A gun club nestled in heavy woods on the outskirts of Pittsburgh was thrust into the national spotlight after one of its members tried to assassinate former President Donald Trump on Saturday.
Clairton Sportsmen’s Clubdenounced the "senseless act of violence" in a statement Sunday, acknowledging that the shooter, Thomas Matthew Crooks, 20, was a member.
The extent of Crooks' participation at the club is so far unknown. In interviews this week, its president, an ex-employee and a former member defended its reputation as a safe environment with a family-friendly culture that emphasizes the importance of firearms safety.
Bill Sellitto, the club's president, said in a phone call Tuesday that violence is “not in our culture.”
“What happened Saturday was a horrifically terrible thing. We’re just sick about it,” he said. “I mean, that’s not us. I don’t know what else to say about that. It’s impacting the club. There’s a bunch of us that have slept about a few hours in the last three days.”

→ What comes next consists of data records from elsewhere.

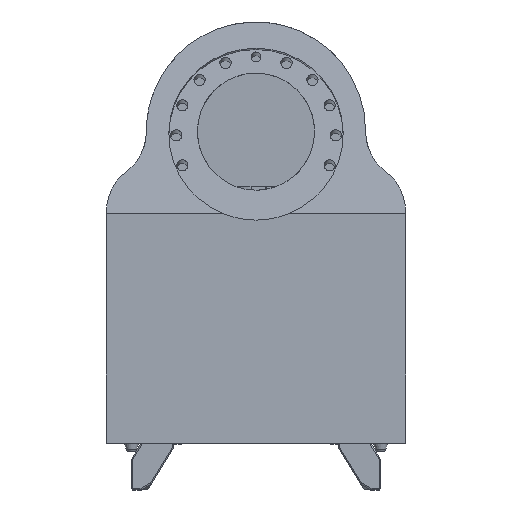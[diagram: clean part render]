
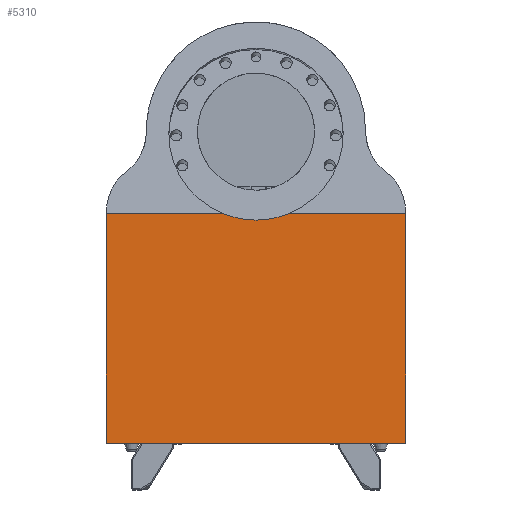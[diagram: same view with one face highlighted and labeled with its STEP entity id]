
A CAD part, top view. The second image highlights one B-rep face of the part: STEP entity #5310.
In plain terms, the highlighted planar face has unit normal (0, 0, 1).
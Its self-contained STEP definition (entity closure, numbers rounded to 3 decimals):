
#375 = CARTESIAN_POINT ( 'NONE',  ( -12.994, -33., 0. ) ) ;
#607 = DIRECTION ( 'NONE',  ( 1., 0., 0. ) ) ;
#1163 = DIRECTION ( 'NONE',  ( 1., 0., 0. ) ) ;
#1239 = PLANE ( 'NONE',  #15513 ) ;
#1425 = CARTESIAN_POINT ( 'NONE',  ( 60., -125., 0. ) ) ;
#3097 = VERTEX_POINT ( 'NONE', #1425 ) ;
#3530 = LINE ( 'NONE', #6251, #14077 ) ;
#3766 = FACE_OUTER_BOUND ( 'NONE', #26002, .T. ) ;
#4032 = VECTOR ( 'NONE', #14446, 1000. ) ;
#4089 = ORIENTED_EDGE ( 'NONE', *, *, #5535, .F. ) ;
#4227 = DIRECTION ( 'NONE',  ( 0., -1., 0. ) ) ;
#4803 = ORIENTED_EDGE ( 'NONE', *, *, #16525, .T. ) ;
#4863 = CARTESIAN_POINT ( 'NONE',  ( 4.548, -36.429, 0. ) ) ;
#4961 = ORIENTED_EDGE ( 'NONE', *, *, #28485, .F. ) ;
#5310 = ADVANCED_FACE ( 'NONE', ( #3766 ), #1239, .T. ) ;
#5365 = ORIENTED_EDGE ( 'NONE', *, *, #30288, .T. ) ;
#5535 = EDGE_CURVE ( 'NONE', #20747, #27400, #16221, .T. ) ;
#6150 = LINE ( 'NONE', #9170, #25678 ) ;
#6251 = CARTESIAN_POINT ( 'NONE',  ( -60., -125., 0. ) ) ;
#7097 = VECTOR ( 'NONE', #7768, 1000. ) ;
#7768 = DIRECTION ( 'NONE',  ( 1., 0., 0. ) ) ;
#7908 = ORIENTED_EDGE ( 'NONE', *, *, #16571, .F. ) ;
#9170 = CARTESIAN_POINT ( 'NONE',  ( -60., -32., 0. ) ) ;
#9183 = DIRECTION ( 'NONE',  ( 1., 0., 0. ) ) ;
#12650 = CARTESIAN_POINT ( 'NONE',  ( -4.548, -36.429, 0. ) ) ;
#12674 = CARTESIAN_POINT ( 'NONE',  ( -60., -33., 0. ) ) ;
#12700 = LINE ( 'NONE', #27092, #7097 ) ;
#14077 = VECTOR ( 'NONE', #1163, 1000. ) ;
#14446 = DIRECTION ( 'NONE',  ( 0., 1., 0. ) ) ;
#14585 = CARTESIAN_POINT ( 'NONE',  ( -12.994, -33., 0. ) ) ;
#15131 = EDGE_CURVE ( 'NONE', #23876, #3097, #3530, .T. ) ;
#15513 = AXIS2_PLACEMENT_3D ( 'NONE', #18729, #28521, #9183 ) ;
#16221 =( BOUNDED_CURVE ( )  B_SPLINE_CURVE ( 3, ( #375, #12650, #4863, #24786 ),
 .UNSPECIFIED., .F., .T. ) 
 B_SPLINE_CURVE_WITH_KNOTS ( ( 4, 4 ),
 ( 2.761, 3.522 ),
 .UNSPECIFIED. ) 
 CURVE ( )  GEOMETRIC_REPRESENTATION_ITEM ( )  RATIONAL_B_SPLINE_CURVE ( ( 1., 0.952, 0.952, 1. ) ) 
 REPRESENTATION_ITEM ( '' )  );
#16274 = VECTOR ( 'NONE', #607, 1000. ) ;
#16525 = EDGE_CURVE ( 'NONE', #3097, #16814, #21584, .T. ) ;
#16571 = EDGE_CURVE ( 'NONE', #29711, #20747, #12700, .T. ) ;
#16814 = VERTEX_POINT ( 'NONE', #31472 ) ;
#18729 = CARTESIAN_POINT ( 'NONE',  ( 64., 0., 0. ) ) ;
#18799 = CARTESIAN_POINT ( 'NONE',  ( 12.994, -33., 0. ) ) ;
#20747 = VERTEX_POINT ( 'NONE', #14585 ) ;
#21584 = LINE ( 'NONE', #21902, #4032 ) ;
#21902 = CARTESIAN_POINT ( 'NONE',  ( 60., -32., 0. ) ) ;
#22092 = CARTESIAN_POINT ( 'NONE',  ( -60., -33., 0. ) ) ;
#23876 = VERTEX_POINT ( 'NONE', #24764 ) ;
#24764 = CARTESIAN_POINT ( 'NONE',  ( -60., -125., 0. ) ) ;
#24786 = CARTESIAN_POINT ( 'NONE',  ( 12.994, -33., 0. ) ) ;
#25678 = VECTOR ( 'NONE', #4227, 1000. ) ;
#26002 = EDGE_LOOP ( 'NONE', ( #4089, #7908, #5365, #26298, #4803, #4961 ) ) ;
#26298 = ORIENTED_EDGE ( 'NONE', *, *, #15131, .T. ) ;
#27092 = CARTESIAN_POINT ( 'NONE',  ( -60., -33., 0. ) ) ;
#27400 = VERTEX_POINT ( 'NONE', #18799 ) ;
#28485 = EDGE_CURVE ( 'NONE', #27400, #16814, #29345, .T. ) ;
#28521 = DIRECTION ( 'NONE',  ( 0., 0., 1. ) ) ;
#29345 = LINE ( 'NONE', #22092, #16274 ) ;
#29711 = VERTEX_POINT ( 'NONE', #12674 ) ;
#30288 = EDGE_CURVE ( 'NONE', #29711, #23876, #6150, .T. ) ;
#31472 = CARTESIAN_POINT ( 'NONE',  ( 60., -33., 0. ) ) ;

Sitting on 180 acres at the top of a roughly half-mile road about a 30-minute drive from the Crooks family home, Clairton Sportsmen's Club is one of the larger gun clubs in the area, said Charles Rondinelli, a freelance writer who wrote several columns for gun enthusiasts for the Pittsburgh Tribune-Review.
“It’s a very nice club,” he said. “But all of the clubs around here, as far as I know, are very nice. They promote healthy shooting.”
The club has about 2,200 members, Sellitto said. Families with children, women and young adults make up a large proportion of its paying customers, he said, declining to provide specific numbers.
Five law enforcement agencies train at the facility, he said, and a lot of its members are members of the club.
People join for a variety of reasons: practicing before deer hunting season, clay-target practice shooting on one of the 13 lighted skeet and trap fields, or participating in one of its leagues. A “tremendous” archery program attracts a lot of children, Sellitto said, some of whom shoot competitively in the area.
The club also offers a 200-yard rifle range, and on its website it describes its "club rifle discipline" as a "very active and varied facet of our club." Parents and children have the opportunity to shoot together on the Small Bore Rifle Team.
Daneen Barone Shelton, 64, of West Mifflin, recalled how safe the club was when she worked there as a teenager.
“It was a family-friendly place. My whole family went up there and shot,” she said.
Her nephew, Michael Barone, 38, of Clairton, left the club because his job in law enforcement required him to undergo training that the club did not allow.
“They’re a safe club,” he said, adding that “they’re very strict on all the rules.”
Barone said he knew that whatever Crooks was involved in “had no affiliation with the club.”
“The club’s a good club,” he said.
Crookswas shot and killed by at least one Secret Service member moments after he opened fire at Trump's rally in Butler. Trump, who said he was hit in the ear, was treated at a local hospital and released.
A motive in the shooting, which killed a spectator and injured two others, is still unclear. More than a dozen guns were found in a search of the Crooks family home, according to four senior officials.
Gun sales have been high across Pennsylvania. Last year, the state ranked fourth for the most guns sold in the country — 841,523 — behind California, Florida and Texas, according to SafeHome.org, which said it gathered data from the FBI’s National Instant Criminal Background Check System. Total estimated sales from January to April in Pennsylvania were nearly 300,000, according to the site.
The state says there were over a million license-to-carry permits and just over 10,000 sportsman permits in Pennsylvania as of July 1. In the most recent census, in 2020, the state had a population of just over 13 million.
Rondinelli said western Pennsylvania "has always been a shooting area."
“There used to be a great deal of organized shooting here, but that was maybe 30, 40, 50 years ago. But the shooting culture is still alive,” he said in a phone call Wednesday. “There’s still quite a few organized shoots in different areas here. There are organized leagues.”
Sellitto said one of the club’s goals is to begin teaching firearms safety at a young age. The club hosts a free youth day event in the summer, where children can learn the rules about how to properly use firearms “and we show them the sport of shooting and archery,” he said.
“It’s a community thing. We try very hard to show kids responsible use of firearms,” he said.
Sellitto said that the club tries to be a “community organization” but that he fears its connection to Crooks will have unintentional consequences.
“I feel like we’re going to be the bad guys in all this,” he said. “And you know, it’s not us.”